Ну наконец-то! Я уж заждалась.
Вежливо улыбнувшись, развернулась лицом в их сторону, прекращая играть. Размяла слегка занывшие пальцы, изрядно уставшие от беготни по дырочкам свирели.
Утомленные кони, безжалостно взбодренные шпорами, зачастили по поляне, рассыпаясь охранным кругом. Еще двое всадников неспешно приблизились. Вжикнул, опускаясь рядом со мной, кнут. Ладонь вскинулась, поймав кончик. Резко дернув, под удивленное аханье заставила выпустить рукоять. Та, описав полукруг, упала где-то в кустах.
Теперь уже вжикнула сталь. Отведя от лица острие, хмыкнула.
– Ты кто? – Ломкий, нервный молодой голос. Юноша старательно пытался не дать испуганного петуха, судорожно терзая звякающие медными звеньями поводья.
– Солья, бард, – представилась привычно, глядя куда-то в пространство.
– И что ты здесь делаешь? – Еще один голос, сиплый и усталый. Мужчина, наверное, лет пятидесяти, подъехал ближе, облегченно убирая меч в ножны.
– Жду попутчиков.
– И давно? – Старший подозрителен.
– Не особенно. – Пожав плечами, развернулась в сторону младшего, который объезжал меня стороной, будто редкую опасную зверушку.
– До каких же мест тебе нужны попутчики, бард?
– Я иду в Азурок. – Отслеживая движения младшего, совсем отвернулась от того, с кем разговаривала.
– Мы тоже, – с сомнением протянул тот.
– Но… – Это младший.
Все прочие почтительно молчали, а парочка наверняка держала меня на прицеле. Еще в начале разговора мне послышался тихий скрип натягиваемой тетивы легких арбалетов.

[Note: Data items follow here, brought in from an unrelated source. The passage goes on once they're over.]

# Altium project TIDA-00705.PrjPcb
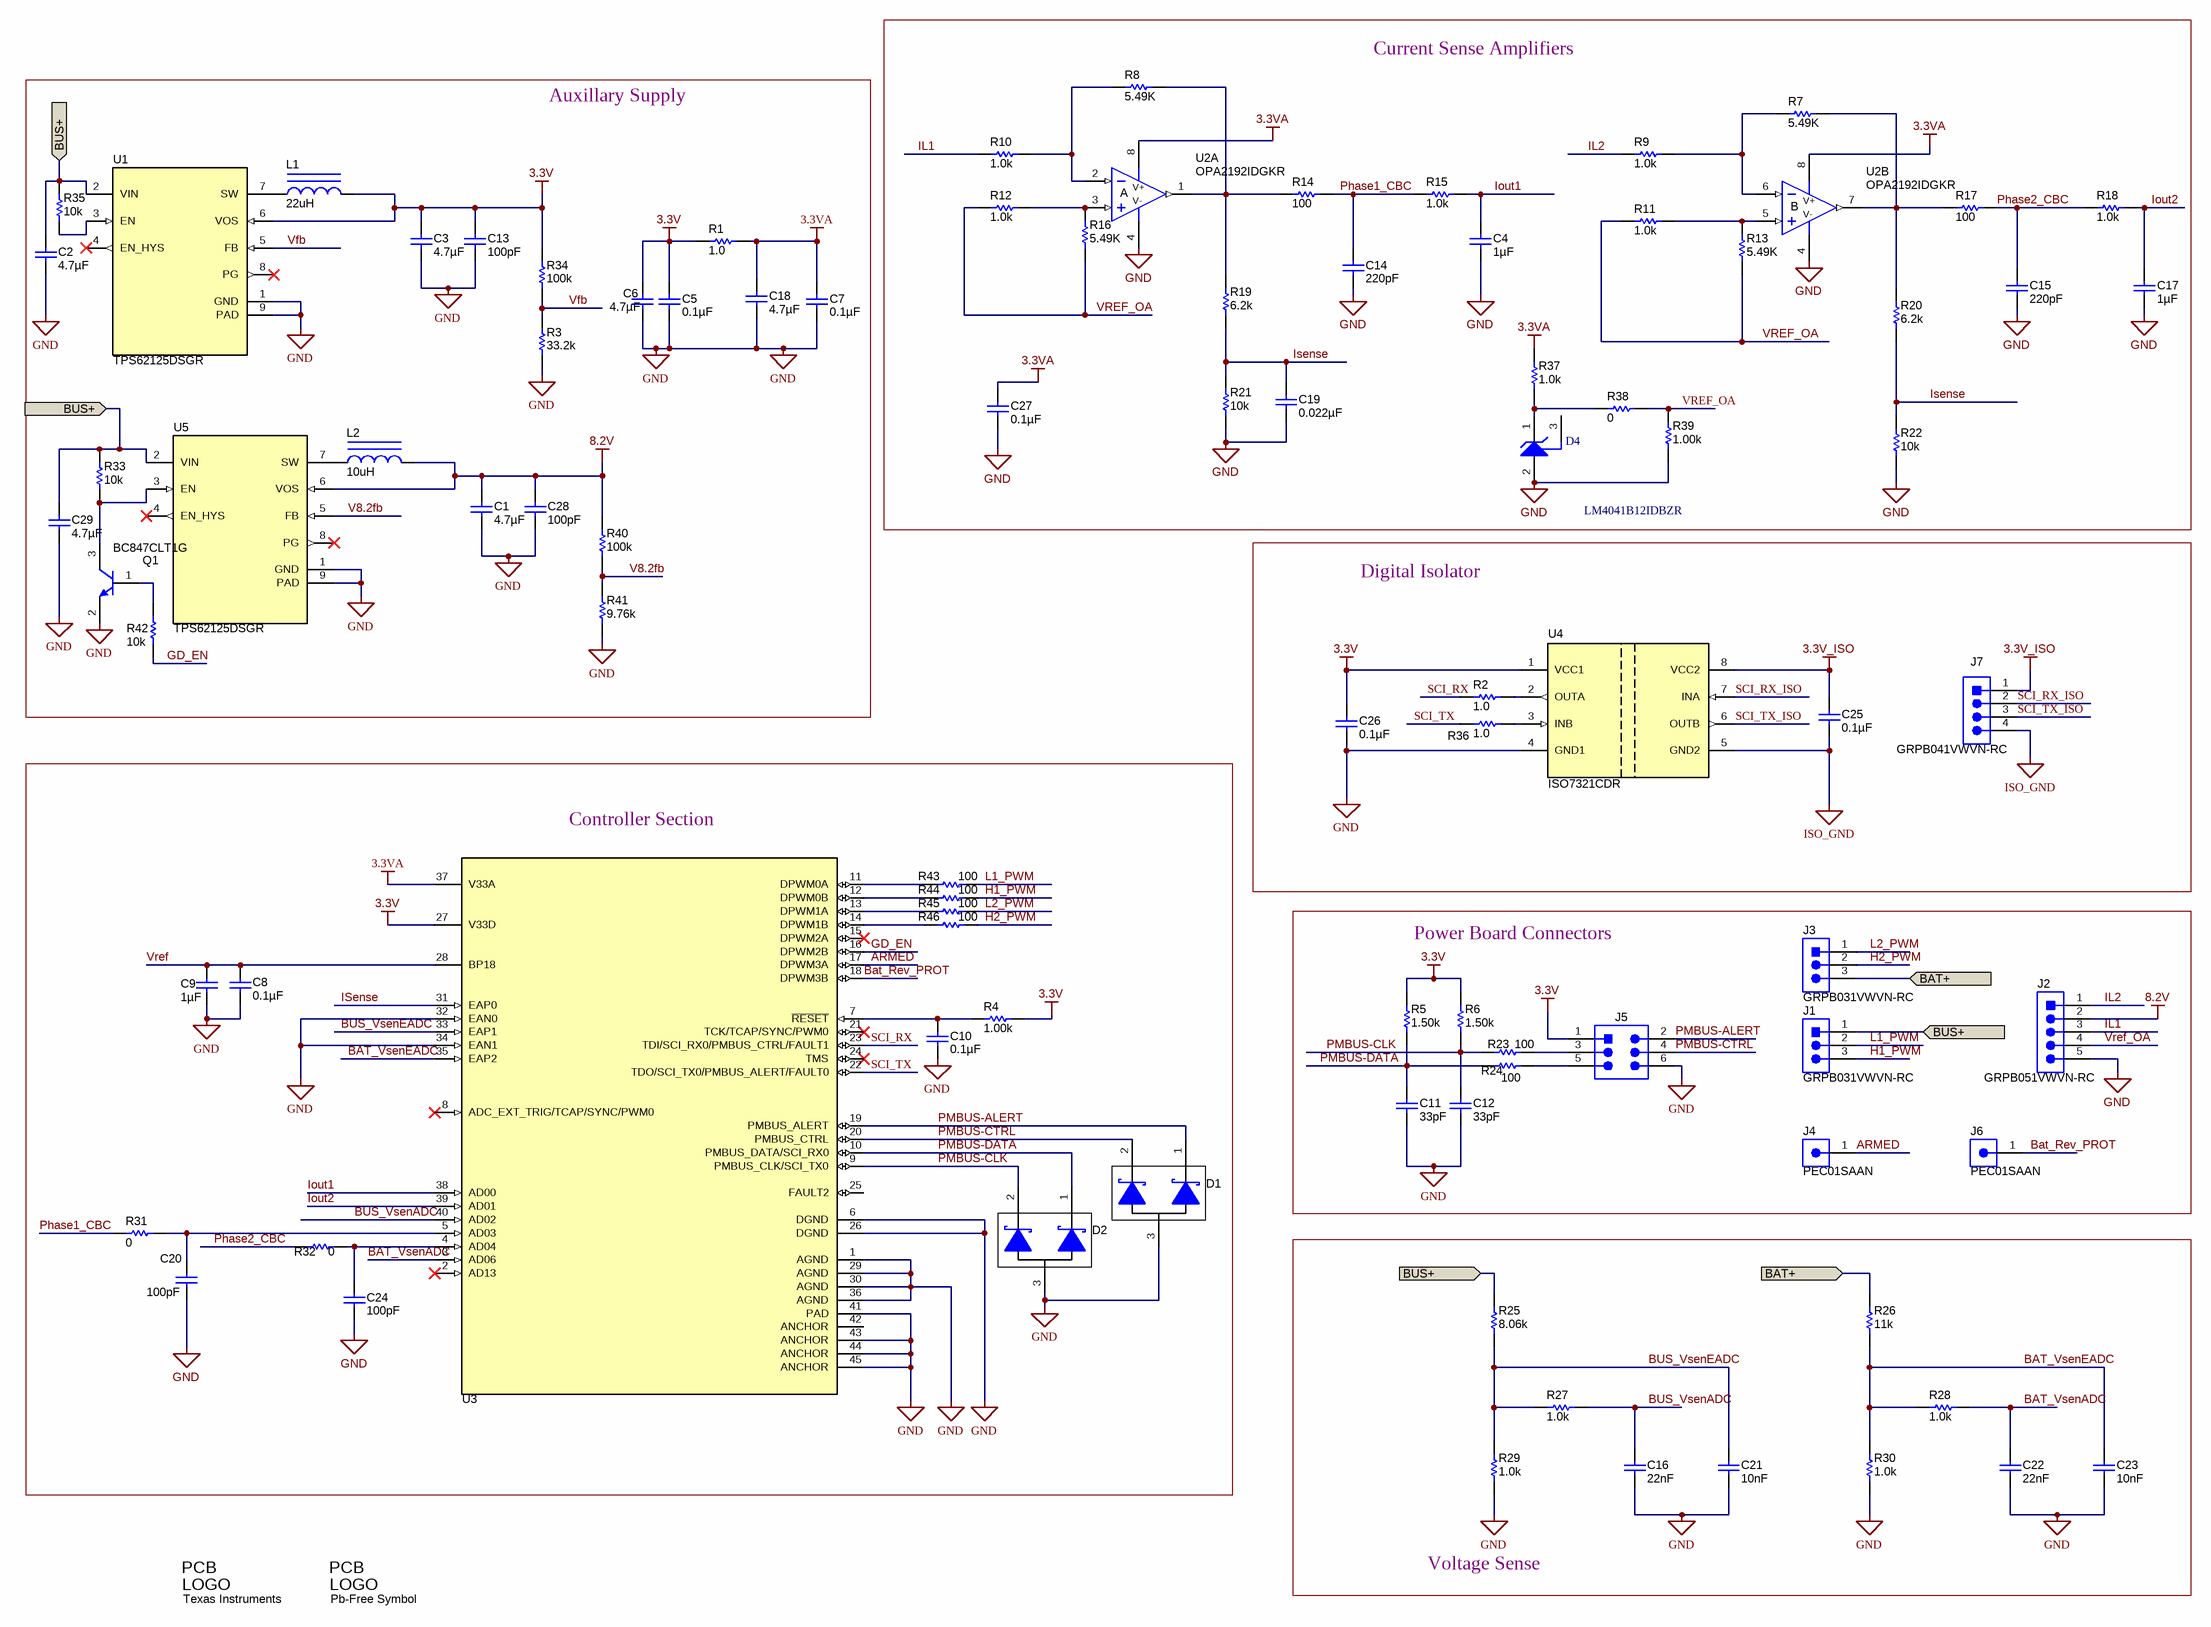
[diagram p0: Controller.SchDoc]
CopyrightYear: 2016; EVM_Orderable: N/A; PCB_Layout: Rajasekar; PCB_Rev: RevA; PRJ_Customer: Public Release; PRJ_Engineer: RAM; PRJ_Number: TIDA-00705; PRJ_Title: 720W Bidirectional Power Supply for LES; SCH_Rev: RevA; TechSupport: http://www.ti.com/support; TID: TIDA-00705
1 sheet, 95 parts. Net scope: flat (ports and power ports of the same name join across sheets).
Board file: TIDA-00705_Controller_20160414.PcbDoc

## Sheet Controller.SchDoc
size 431 x 355 mm; Date: Not shown in title block; ApprovedBy: Not shown in title block; CheckedBy: Not shown in title block; Author: Not shown in title block; CompanyName: Not shown in title block; Engineer: Not shown in title block; Organization: Not shown in title block; Address1: Not shown in title block; Address2: Not shown in title block; Address3: Not shown in title block; Address4: Not shown in title block; DocumentNumber: 1; Revision: Rev-A; SheetNumber: 1; SheetTotal: 1; PageSetup: Record=PageOptions¦CenterHorizontal=True¦CenterVertical=True¦PrintScale=1.00¦XCorrection=1.00¦YCorrection=1.00¦PrintKind=0¦BorderSize=5000000¦LeftOffset=0¦BottomOffset=0¦Orientation=2¦PaperLength=1000¦PaperWidth=1000¦Scale=100¦PaperSource=15¦PrintQuality=600¦MediaType=1¦DitherType=10¦PaperKind=Letter¦PrintScaleMode=1

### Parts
C1  ValueDisplayed: 4.7µF  [0603]  (hidden comment: CC0603KRX5R7BB475)
C2  ValueDisplayed: 4.7µF  [0603]  (hidden comment: CC0603KRX5R7BB475)
C3  ValueDisplayed: 4.7µF  [0603]  (hidden comment: CC0603KRX5R7BB475)
C4  ValueDisplayed: 1µF  [0402]  (hidden comment: C1005JB1V105K050BC)
C5  ValueDisplayed: 0.1µF  [0603]  (hidden comment: C0603C104K4RACTU)
C6  ValueDisplayed: 4.7µF  [0603]  (hidden comment: CC0603KRX5R7BB475)
C7  ValueDisplayed: 0.1µF  [0603]  (hidden comment: C0603C104K4RACTU)
C8  ValueDisplayed: 0.1µF  [0603]  (hidden comment: C0603C104K4RACTU)
C9  ValueDisplayed: 1µF  [0603]  (hidden comment: C0603C105K4PACTU)
C10  ValueDisplayed: 0.1µF  [0603]  (hidden comment: C0603C104K4RACTU)
C11  ValueDisplayed: 33pF  [0402]  (hidden comment: 885012005043)
C12  ValueDisplayed: 33pF  [0402]  (hidden comment: 885012005043)
C13  ValueDisplayed: 100pF  [0402]  (hidden comment: GRM1535C1H101JDD5D)
C14  ValueDisplayed: 220pF  [0402]  (hidden comment: C1005X7R1H221K)
C15  ValueDisplayed: 220pF  [0402]  (hidden comment: C1005X7R1H221K)
C16  ValueDisplayed: 22nF  [0402]  (hidden comment: GRM1535C1H101JDD5D)
C17  ValueDisplayed: 1µF  [0402]  (hidden comment: C1005JB1V105K050BC)
C18  ValueDisplayed: 4.7µF  [0603]  (hidden comment: CC0603KRX5R7BB475)
C19  ValueDisplayed: 0.022µF  [0402]  (hidden comment: C1005X7R1E223K)
C20  ValueDisplayed: 100pF  [0402]  (hidden comment: GRM1535C1H101JDD5D)
C21  ValueDisplayed: 10nF  [0402]  (hidden comment: GRM1535C1H101JDD5D)
C22  ValueDisplayed: 22nF  [0402]  (hidden comment: GRM1535C1H101JDD5D)
C23  ValueDisplayed: 10nF  [0402]  (hidden comment: GRM1535C1H101JDD5D)
C24  ValueDisplayed: 100pF  [0402]  (hidden comment: GRM1535C1H101JDD5D)
C25  ValueDisplayed: 0.1µF  [0603]  (hidden comment: 08053C104KAT2A)
C26  ValueDisplayed: 0.1µF  [0603]  (hidden comment: 08053C104KAT2A)
C27  ValueDisplayed: 0.1µF  [0402]  (hidden comment: C1005X7R1H104M)
C28  ValueDisplayed: 100pF  [0402]  (hidden comment: GRM1535C1H101JDD5D)
C29  ValueDisplayed: 4.7µF  [0603]  (hidden comment: CC0603KRX5R7BB475)
D1  SDM20N40A-7-F  [SOT-23]  (value not drawn)
D2  SDM20N40A-7-F  [SOT-23]  (value not drawn)
D4  LM4041B12IDBZR  [DBZ0003A_N]
J1  GRPB031VWVN-RC  [Sullins_GRPB031VWVN-RC]
J2  GRPB051VWVN-RC  [Sullins_GRPB051VWVN-RC]
J3  GRPB031VWVN-RC  [Sullins_GRPB031VWVN-RC]
J4  PEC01SAAN  [Sullins_PEC01SAAN]
J5  GRPB032VWVN-RC  [Sullins_GRPB032VWVN-RC]  (value not drawn)
J6  PEC01SAAN  [Sullins_PEC01SAAN]
J7  GRPB041VWVN-RC  [Sullins_GRPB041VWVN-RC]
L1  22uH  [WE_LQS_252012]
L2  10uH  [WE_LQS_252012]
Logo1  Texas Instruments  [TI_Symbol_Overlay_Small]  (no BOM)
Logo2  Pb-Free Symbol  [Pb-Free_Overlay_Small]  (no BOM)
Q1  BC847CLT1G  [SOT-23]
R1  ValueDisplayed: 1.0  [0402]  (hidden comment: CRCW04021R00JNED)
R2  ValueDisplayed: 1.0  [0402]  (hidden comment: CRCW04021R00JNED)
R3  ValueDisplayed: 33.2k  [0402]  (hidden comment: CRCW040233K2FKED)
R4  ValueDisplayed: 1.00k  [0402]  (hidden comment: ERJ-2RKF1001X)
R5  ValueDisplayed: 1.50k  [0402]  (hidden comment: CRCW04021K50FKED)
R6  ValueDisplayed: 1.50k  [0402]  (hidden comment: CRCW04021K50FKED)
R7  ValueDisplayed: 5.49K  [0402]  (hidden comment: ERA-2AEB5491X)
R8  ValueDisplayed: 5.49K  [0402]  (hidden comment: ERA-2AEB5491X)
R9  ValueDisplayed: 1.0k  [0402]  (hidden comment: RT0402BRD071KL)
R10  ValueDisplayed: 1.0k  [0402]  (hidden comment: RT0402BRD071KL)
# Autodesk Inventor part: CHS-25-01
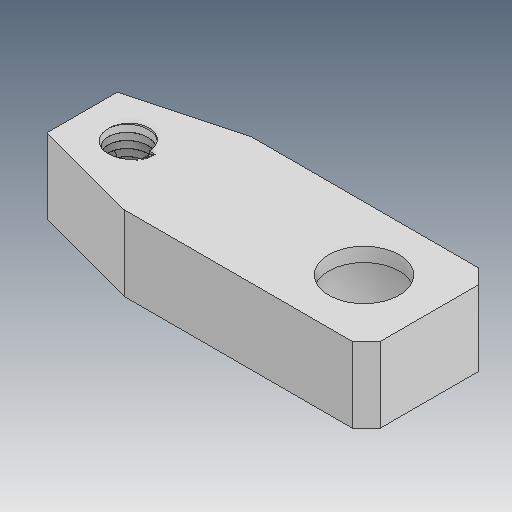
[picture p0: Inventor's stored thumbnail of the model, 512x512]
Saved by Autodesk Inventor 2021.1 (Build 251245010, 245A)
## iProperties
Created: 2019-05
Part Number: CHS-25-01
Material: Ogólny
Document SubType Name: Modeling
Designer: user
Density: 1 g/cm^3
Appearance: Domyślna
Author: user
Revision Number: ÈÎºÎ
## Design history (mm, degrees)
feature "ÊäÈë1"
node "Bryła1"

– Бардам не принято отказывать, Артир, – заметил мужчина. – Не окажете ли честь присоединиться к нашей компании?
– Окажу, – улыбнулась я широко и, надеюсь, безмятежно. Поднялась, подхватывая сумку и посох. – Благодарю.
Чуть отшатнулась, когда в лицо дохнуло конским потом. Фыркнув, лошадь склонила голову мне на плечо. Недовольно сопящий юноша протянул руку, предлагая взобраться в седло. Спереди? Нет уж.
Кончиками пальцев провела по лошадиной шкуре.
Гладкая шерсть, литые мышцы, перекатывающиеся под кожей, излучающей почти обжигающий жар. Живое существо, сильное и верное.
А юноша, Артир, которого я мимоходом коснулась, – тонкий и легкий, почти мальчишка, в богатом камзоле, расшитом сложным узором, но мятом и пыльном. От ткани пахло дымом костра и долгой дорогой. Он растерян и немного зол. А еще испуган, как бывают испуганы те, кого практически лишили надежды. Ему кажется, что он обречен, но все равно приходится двигаться по выбранной дороге, потому что свернуть-то уже некуда… Высокий голос то и дело срывался. Его мальчишеское высокомерие, высокомерие получившего от рождения все, включая происхождение и наследство, стремительно истаивало под гнетом страха перед реальностью.
Да и во всех остальных чувствовался какой-то надлом. Будто действуют они по инерции, как куклы, у которых вот-вот кончится завод.
Я вновь достала свирель.
Ночь застала нас все еще в лесу. Расположившись на обочине, путники жгли костер, от котелка со взваром тянулся ароматный дымок, смешиваясь с запахами леса, в сумерках сменившими тональность. Я сидела на границе трепещущего от ветра круга тепла и вслушивалась в тихие разговоры.
Изгнанники, сумевшие увернуться от цепкой хватки войны, прошедшей с благословения Света огнем и мечом по их землям, надеялись найти убежище в Азуроке. Хотя бы временное, но… У Артира не сложились отношения с его владетелем. Но сейчас юноша был готов умолять, забыв свое прежнее пренебрежительное высокомерие.
Обычное дело между родственниками – младший не желает слушать советов старшего. Особенно если младший выше по положению. И умнее.